# About this task:
List, from the lines below, each one with "FLAT" in it.
Records for the exercise Block Start
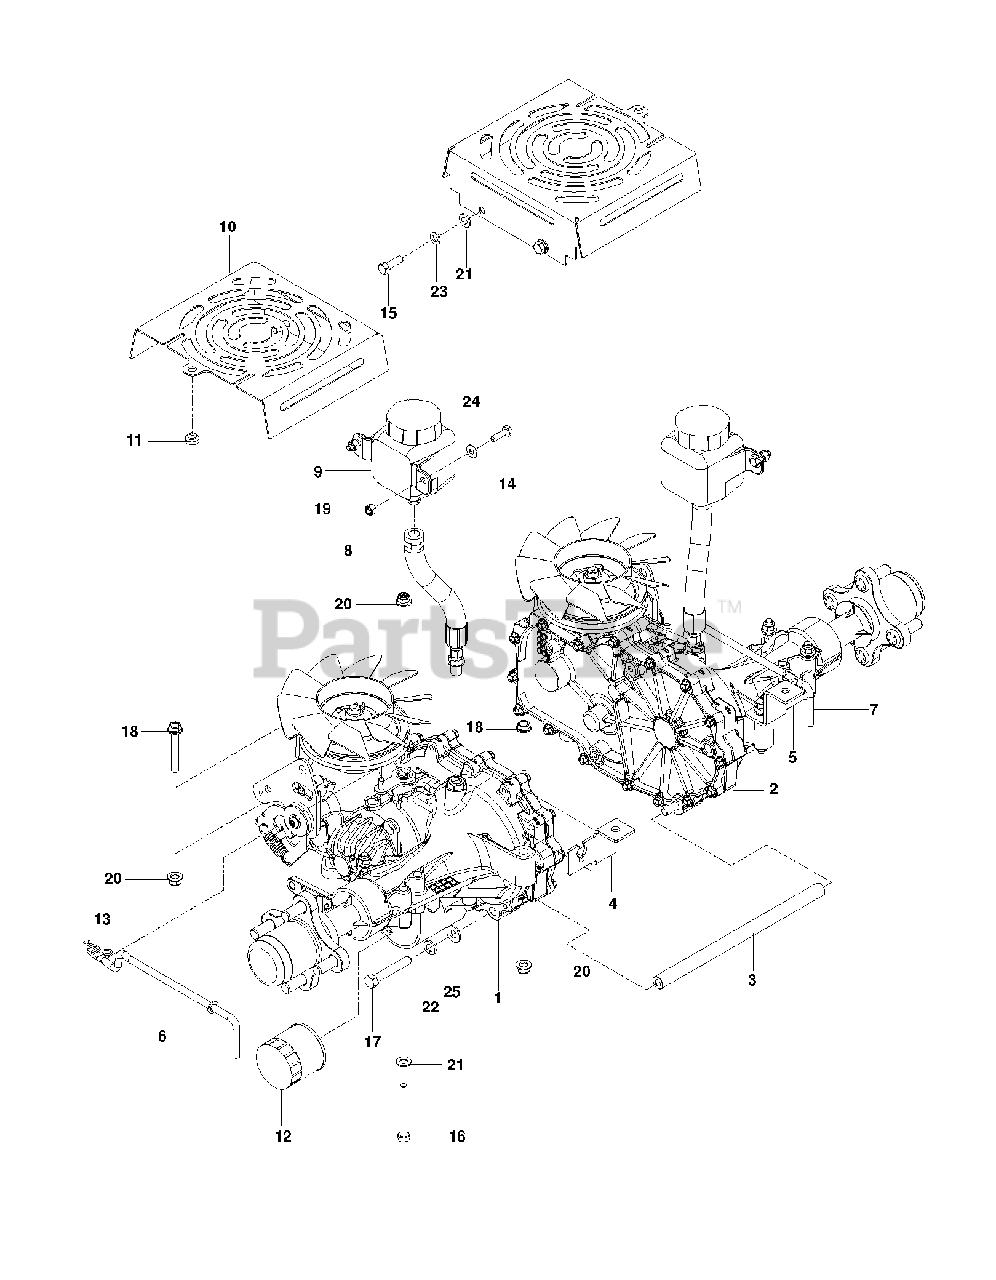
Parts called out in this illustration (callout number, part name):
1	HG_TRANS, ZT-3400, LT
2	HG_TRANS, ZT-3400, RT
3	TUBE, SPACER, 3400
4	BRACKET.TRANS.LT.BLACK
5	BRACKET, TRANS, RT BLACK
6	LINKAGE, LEFT BYPASS
7	LINKAGE, RIGHT BYPASS
8	HOSE ASSY, EXPANSION
9	TANK.EXPANSION.350ML 71328
10	SHIELD, FAN, BLK
11	GROMMET, BUMPER
12	HG_FILTER, ZT4800 52114
13	HAIRPIN #2
14	HCS 1/4-20X7/8 GR5
15	HCS 5/16C X 1
16	HCS 5/16C X 2-3/4
17	HCS 3/8-16X2-1/4 LOC PATCH GR8
18	HHFS 5/16-18 X 2.25 GD 5
19	RP_NUT 1/4-20 NYLOC
20	5/16-18 NYLOC FLANGE NUT
21	FLAT WASHER 5/16 SAE
22	SLW 3/8 STD
23	WASHER 5/16 LOCK
24	WASHER 1/4 SAE
25	WASHER 3/8 SAE FLAT
Records for the exercise Block End
# Result:
21	FLAT WASHER 5/16 SAE
25	WASHER 3/8 SAE FLAT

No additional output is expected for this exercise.